→ Activity
Using the data that follows, say how many lines contain the word "PEHD", giving the number by itself.

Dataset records

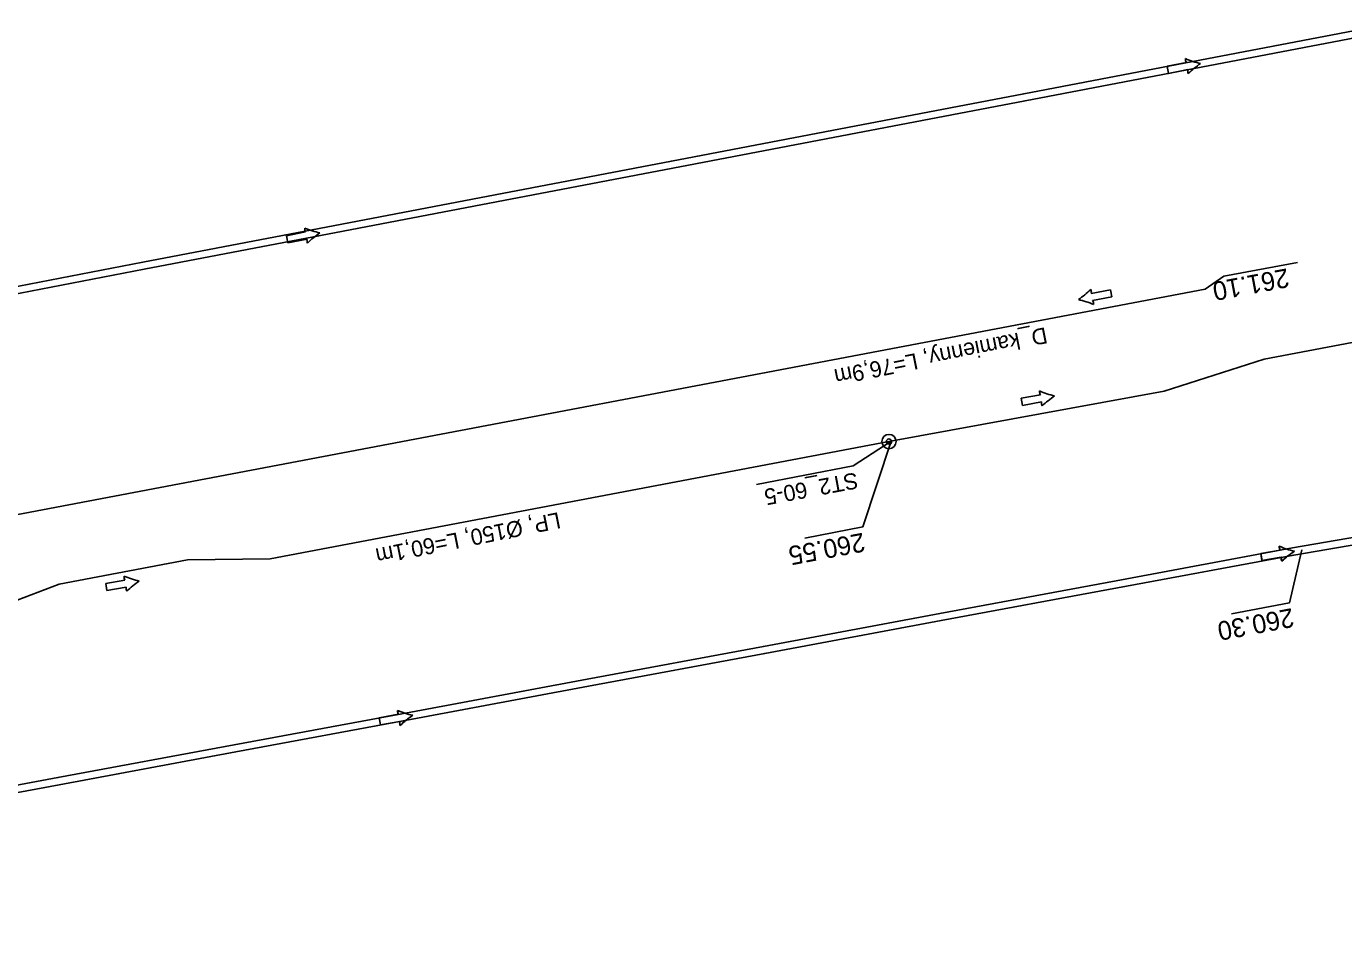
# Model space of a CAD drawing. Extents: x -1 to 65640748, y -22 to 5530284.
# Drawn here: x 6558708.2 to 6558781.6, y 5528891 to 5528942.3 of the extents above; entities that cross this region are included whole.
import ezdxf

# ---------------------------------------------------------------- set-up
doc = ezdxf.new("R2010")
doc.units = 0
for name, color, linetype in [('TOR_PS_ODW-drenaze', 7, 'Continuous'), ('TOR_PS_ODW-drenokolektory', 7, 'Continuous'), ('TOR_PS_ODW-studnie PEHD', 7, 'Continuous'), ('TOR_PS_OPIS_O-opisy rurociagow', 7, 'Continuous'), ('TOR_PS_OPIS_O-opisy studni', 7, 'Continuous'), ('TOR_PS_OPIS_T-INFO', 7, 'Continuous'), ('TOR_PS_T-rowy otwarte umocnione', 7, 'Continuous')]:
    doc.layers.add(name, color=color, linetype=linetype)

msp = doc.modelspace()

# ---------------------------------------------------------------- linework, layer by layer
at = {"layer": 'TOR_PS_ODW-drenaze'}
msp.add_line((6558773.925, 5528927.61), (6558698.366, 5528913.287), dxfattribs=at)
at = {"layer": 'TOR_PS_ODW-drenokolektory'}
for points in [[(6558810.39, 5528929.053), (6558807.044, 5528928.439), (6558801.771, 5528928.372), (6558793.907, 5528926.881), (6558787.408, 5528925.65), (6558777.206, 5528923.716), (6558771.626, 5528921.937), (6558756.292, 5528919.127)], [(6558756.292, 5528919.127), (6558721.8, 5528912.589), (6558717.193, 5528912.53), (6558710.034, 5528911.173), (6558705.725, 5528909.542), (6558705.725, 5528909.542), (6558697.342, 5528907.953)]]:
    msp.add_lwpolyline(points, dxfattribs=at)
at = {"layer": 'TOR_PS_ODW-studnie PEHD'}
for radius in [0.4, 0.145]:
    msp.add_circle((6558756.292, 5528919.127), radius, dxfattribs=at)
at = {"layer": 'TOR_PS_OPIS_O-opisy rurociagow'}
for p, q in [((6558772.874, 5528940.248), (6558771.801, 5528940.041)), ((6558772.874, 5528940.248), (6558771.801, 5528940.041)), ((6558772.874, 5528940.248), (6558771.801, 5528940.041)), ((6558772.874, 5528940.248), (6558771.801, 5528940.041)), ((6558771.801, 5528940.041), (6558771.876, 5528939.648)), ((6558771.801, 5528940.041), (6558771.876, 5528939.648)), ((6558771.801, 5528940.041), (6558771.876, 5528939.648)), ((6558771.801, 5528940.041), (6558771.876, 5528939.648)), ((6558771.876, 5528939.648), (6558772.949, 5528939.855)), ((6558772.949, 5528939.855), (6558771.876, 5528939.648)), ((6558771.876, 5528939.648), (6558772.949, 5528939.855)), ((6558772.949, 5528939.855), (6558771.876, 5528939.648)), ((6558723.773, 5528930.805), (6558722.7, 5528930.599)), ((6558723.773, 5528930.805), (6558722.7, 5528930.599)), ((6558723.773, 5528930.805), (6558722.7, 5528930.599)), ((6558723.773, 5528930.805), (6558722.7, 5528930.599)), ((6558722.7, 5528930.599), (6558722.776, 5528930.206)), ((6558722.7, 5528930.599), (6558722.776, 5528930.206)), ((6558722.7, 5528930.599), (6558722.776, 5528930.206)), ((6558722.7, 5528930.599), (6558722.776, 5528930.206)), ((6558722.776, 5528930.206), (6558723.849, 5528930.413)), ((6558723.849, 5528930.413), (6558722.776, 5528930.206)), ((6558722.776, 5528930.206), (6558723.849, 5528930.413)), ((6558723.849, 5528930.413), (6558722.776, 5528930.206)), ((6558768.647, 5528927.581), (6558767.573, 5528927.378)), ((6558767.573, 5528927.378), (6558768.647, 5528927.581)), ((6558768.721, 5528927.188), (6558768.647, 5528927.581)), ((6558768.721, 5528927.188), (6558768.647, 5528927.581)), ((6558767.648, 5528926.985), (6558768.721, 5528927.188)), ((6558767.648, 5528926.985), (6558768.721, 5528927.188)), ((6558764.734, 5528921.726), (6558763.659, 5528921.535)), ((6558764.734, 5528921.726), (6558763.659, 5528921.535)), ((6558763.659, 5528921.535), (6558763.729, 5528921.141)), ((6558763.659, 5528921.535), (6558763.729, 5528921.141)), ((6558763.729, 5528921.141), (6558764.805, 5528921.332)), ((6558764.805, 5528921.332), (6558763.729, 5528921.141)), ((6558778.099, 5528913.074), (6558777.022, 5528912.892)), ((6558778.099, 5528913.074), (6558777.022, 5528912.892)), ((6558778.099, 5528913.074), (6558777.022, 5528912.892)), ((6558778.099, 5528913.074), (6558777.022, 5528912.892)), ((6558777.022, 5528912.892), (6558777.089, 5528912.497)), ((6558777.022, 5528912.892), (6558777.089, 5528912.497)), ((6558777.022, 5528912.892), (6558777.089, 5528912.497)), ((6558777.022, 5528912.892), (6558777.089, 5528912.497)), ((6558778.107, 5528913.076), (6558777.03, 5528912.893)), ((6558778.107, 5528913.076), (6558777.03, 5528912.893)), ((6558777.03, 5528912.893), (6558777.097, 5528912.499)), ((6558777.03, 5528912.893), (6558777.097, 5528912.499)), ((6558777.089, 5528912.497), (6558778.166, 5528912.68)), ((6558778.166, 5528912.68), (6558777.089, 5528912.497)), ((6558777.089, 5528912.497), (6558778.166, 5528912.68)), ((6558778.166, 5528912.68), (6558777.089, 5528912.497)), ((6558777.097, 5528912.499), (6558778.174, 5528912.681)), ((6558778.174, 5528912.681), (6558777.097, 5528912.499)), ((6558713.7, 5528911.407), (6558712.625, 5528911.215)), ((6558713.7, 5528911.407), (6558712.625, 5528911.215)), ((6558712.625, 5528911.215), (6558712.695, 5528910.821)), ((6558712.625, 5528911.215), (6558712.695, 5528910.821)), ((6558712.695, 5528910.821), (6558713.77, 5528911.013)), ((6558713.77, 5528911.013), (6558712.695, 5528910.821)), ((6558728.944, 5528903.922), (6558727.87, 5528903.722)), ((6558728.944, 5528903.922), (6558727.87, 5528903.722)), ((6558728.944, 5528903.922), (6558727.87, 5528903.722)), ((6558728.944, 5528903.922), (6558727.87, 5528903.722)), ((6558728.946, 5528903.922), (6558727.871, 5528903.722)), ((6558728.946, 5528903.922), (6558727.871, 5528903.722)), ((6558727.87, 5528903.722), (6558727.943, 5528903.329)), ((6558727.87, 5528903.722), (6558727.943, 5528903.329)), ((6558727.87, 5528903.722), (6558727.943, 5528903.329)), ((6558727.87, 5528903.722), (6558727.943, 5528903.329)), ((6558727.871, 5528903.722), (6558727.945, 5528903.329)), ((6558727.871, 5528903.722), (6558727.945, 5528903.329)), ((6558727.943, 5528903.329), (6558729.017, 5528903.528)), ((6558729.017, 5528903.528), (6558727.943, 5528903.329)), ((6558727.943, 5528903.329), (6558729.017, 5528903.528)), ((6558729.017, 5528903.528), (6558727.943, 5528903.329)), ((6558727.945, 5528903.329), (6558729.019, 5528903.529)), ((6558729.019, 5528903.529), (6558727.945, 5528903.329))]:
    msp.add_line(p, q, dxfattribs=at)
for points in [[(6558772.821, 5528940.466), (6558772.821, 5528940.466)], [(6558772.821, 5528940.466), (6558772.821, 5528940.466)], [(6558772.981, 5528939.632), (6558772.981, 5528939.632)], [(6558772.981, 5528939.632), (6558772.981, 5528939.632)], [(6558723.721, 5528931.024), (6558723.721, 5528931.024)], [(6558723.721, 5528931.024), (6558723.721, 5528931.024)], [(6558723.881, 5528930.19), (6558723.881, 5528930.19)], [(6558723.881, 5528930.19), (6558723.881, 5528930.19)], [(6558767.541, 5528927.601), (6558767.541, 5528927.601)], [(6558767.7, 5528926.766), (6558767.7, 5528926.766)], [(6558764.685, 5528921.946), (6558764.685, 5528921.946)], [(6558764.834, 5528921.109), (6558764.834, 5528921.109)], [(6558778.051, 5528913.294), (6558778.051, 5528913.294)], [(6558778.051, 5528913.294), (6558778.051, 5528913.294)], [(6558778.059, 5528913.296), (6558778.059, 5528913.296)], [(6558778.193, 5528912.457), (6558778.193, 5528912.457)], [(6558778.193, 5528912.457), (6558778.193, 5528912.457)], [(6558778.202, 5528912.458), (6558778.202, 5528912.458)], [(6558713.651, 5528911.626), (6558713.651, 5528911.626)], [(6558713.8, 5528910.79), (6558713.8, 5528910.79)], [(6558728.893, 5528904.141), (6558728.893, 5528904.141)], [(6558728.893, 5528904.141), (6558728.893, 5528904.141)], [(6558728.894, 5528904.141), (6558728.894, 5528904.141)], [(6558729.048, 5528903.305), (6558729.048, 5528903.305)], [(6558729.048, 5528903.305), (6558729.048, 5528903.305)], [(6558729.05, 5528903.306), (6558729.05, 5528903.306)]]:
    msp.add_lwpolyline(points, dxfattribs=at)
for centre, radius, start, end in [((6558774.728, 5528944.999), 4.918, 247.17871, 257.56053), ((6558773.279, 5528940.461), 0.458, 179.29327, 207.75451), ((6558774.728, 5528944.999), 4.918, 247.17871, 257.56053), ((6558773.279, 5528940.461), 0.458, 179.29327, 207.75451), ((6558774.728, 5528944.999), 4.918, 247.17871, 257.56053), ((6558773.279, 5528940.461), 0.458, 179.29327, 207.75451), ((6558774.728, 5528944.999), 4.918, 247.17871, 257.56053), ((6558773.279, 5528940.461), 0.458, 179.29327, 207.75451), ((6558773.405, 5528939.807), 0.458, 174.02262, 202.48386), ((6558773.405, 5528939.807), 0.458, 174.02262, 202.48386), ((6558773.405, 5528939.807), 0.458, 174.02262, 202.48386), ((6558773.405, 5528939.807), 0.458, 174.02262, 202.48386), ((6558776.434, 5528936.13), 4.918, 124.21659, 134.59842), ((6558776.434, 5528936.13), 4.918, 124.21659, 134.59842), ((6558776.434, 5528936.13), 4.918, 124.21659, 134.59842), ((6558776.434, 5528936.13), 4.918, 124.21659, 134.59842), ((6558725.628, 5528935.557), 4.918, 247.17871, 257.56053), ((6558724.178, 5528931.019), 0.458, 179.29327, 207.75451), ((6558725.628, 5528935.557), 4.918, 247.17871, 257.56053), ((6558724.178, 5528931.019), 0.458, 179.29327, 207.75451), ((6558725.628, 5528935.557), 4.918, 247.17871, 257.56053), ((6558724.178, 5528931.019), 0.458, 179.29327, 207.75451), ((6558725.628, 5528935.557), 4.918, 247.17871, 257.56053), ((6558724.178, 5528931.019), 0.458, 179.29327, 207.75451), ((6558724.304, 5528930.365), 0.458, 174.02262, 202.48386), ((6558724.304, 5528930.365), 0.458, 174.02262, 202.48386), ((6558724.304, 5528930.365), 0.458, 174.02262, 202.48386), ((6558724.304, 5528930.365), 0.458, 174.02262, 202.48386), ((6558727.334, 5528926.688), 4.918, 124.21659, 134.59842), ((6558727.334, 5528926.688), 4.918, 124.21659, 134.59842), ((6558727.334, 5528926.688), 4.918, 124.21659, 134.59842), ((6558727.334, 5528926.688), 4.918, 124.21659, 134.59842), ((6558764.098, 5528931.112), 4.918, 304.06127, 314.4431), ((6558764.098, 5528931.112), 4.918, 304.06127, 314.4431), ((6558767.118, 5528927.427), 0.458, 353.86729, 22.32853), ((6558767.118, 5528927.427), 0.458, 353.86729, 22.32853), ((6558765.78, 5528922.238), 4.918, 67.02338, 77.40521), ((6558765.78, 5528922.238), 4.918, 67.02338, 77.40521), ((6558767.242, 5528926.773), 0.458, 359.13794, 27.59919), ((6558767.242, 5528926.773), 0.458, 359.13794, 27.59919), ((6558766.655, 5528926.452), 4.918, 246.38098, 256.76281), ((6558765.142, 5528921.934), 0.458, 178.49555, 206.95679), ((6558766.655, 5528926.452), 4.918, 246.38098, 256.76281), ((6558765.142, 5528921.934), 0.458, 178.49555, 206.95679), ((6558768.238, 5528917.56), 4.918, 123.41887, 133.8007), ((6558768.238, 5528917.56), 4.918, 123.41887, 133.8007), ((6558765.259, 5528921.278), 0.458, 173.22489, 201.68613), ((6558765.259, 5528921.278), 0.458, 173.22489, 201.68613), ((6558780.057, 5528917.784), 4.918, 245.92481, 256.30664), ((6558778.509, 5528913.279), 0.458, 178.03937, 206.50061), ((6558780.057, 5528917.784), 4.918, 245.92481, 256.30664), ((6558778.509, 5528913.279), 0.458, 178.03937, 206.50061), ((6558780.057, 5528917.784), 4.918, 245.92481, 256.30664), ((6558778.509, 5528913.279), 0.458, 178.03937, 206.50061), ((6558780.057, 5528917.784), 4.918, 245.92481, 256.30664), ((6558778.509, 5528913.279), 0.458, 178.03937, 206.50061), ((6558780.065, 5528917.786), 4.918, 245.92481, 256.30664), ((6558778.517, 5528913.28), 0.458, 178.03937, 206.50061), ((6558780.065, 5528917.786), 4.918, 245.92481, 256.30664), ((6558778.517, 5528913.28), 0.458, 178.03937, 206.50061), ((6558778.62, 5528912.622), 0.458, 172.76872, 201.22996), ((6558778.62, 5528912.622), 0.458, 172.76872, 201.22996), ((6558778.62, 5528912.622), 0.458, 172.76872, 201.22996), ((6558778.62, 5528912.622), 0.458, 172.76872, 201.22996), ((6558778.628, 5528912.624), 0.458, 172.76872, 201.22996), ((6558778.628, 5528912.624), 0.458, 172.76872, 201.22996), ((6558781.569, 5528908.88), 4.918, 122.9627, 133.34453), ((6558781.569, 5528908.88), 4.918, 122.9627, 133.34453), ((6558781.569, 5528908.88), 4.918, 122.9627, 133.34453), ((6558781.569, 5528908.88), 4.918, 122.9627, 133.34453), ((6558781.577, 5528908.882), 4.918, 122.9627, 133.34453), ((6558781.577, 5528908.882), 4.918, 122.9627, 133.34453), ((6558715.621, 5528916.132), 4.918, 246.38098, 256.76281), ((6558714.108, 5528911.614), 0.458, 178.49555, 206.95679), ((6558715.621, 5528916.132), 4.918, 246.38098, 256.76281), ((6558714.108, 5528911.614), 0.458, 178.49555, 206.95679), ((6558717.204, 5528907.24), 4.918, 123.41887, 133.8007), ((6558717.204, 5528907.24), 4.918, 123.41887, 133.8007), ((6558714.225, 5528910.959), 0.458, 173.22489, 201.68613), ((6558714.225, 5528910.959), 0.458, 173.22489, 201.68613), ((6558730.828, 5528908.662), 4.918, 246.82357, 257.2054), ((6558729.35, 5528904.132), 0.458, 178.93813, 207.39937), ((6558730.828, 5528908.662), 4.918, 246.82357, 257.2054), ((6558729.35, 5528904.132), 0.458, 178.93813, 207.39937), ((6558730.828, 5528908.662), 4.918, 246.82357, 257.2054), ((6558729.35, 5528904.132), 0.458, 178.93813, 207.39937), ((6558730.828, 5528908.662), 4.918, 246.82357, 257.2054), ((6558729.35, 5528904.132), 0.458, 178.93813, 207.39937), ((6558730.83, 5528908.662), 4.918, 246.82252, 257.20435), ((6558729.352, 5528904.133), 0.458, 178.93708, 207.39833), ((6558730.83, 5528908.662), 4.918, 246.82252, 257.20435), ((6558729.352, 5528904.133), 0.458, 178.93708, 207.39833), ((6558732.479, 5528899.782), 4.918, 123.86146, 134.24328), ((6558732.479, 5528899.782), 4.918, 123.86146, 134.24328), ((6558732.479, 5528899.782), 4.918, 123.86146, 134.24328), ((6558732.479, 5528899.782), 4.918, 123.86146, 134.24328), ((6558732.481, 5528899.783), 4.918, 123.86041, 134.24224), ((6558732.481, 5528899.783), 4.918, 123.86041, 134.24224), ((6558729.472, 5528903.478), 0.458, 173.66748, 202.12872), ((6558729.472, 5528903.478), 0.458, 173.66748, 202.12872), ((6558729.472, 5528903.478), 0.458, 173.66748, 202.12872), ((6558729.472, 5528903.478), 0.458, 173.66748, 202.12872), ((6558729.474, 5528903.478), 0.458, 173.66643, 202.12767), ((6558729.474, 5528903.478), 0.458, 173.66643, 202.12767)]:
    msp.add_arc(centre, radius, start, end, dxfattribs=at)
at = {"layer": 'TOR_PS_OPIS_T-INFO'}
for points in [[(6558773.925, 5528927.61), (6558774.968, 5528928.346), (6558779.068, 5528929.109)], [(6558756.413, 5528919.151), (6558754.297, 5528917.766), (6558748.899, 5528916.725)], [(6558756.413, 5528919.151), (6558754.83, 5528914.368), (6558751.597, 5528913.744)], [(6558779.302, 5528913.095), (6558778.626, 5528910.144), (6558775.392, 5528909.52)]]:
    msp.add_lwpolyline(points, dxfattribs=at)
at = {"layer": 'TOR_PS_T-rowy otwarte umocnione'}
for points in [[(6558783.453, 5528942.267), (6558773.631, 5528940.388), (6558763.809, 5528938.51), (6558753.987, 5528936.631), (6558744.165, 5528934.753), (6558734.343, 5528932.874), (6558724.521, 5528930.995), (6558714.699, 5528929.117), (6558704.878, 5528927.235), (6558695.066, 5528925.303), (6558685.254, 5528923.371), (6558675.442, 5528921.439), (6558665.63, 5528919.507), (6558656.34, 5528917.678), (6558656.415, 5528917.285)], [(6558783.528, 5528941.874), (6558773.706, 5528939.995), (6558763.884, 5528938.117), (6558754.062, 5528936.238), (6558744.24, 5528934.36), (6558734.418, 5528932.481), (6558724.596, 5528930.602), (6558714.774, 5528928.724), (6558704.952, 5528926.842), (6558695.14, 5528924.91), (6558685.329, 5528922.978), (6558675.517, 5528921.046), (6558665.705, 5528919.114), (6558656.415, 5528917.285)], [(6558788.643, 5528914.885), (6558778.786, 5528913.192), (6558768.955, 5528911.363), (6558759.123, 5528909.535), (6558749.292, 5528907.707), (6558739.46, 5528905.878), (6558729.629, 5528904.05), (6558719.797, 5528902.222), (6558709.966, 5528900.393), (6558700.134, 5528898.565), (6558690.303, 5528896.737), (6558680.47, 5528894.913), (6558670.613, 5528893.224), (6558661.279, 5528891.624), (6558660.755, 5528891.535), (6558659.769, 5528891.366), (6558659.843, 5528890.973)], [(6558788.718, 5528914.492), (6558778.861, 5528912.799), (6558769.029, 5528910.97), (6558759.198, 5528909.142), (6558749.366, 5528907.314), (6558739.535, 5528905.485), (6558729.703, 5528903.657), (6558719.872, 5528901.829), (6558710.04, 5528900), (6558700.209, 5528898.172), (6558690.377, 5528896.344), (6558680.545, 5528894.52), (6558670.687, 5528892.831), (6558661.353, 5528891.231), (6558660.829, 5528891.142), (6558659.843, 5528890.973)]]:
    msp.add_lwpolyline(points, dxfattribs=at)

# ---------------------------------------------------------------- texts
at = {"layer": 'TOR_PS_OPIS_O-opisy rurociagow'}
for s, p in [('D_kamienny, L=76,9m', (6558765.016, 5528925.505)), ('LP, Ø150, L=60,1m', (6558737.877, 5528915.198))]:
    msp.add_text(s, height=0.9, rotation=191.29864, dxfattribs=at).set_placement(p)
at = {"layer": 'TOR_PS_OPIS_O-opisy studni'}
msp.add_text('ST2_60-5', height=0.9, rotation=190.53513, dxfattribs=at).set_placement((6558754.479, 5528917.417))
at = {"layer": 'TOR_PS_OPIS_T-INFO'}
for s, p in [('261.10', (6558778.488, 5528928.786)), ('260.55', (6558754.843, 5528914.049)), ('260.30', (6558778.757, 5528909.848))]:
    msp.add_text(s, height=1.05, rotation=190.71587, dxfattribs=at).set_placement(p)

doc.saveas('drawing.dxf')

→ Response
2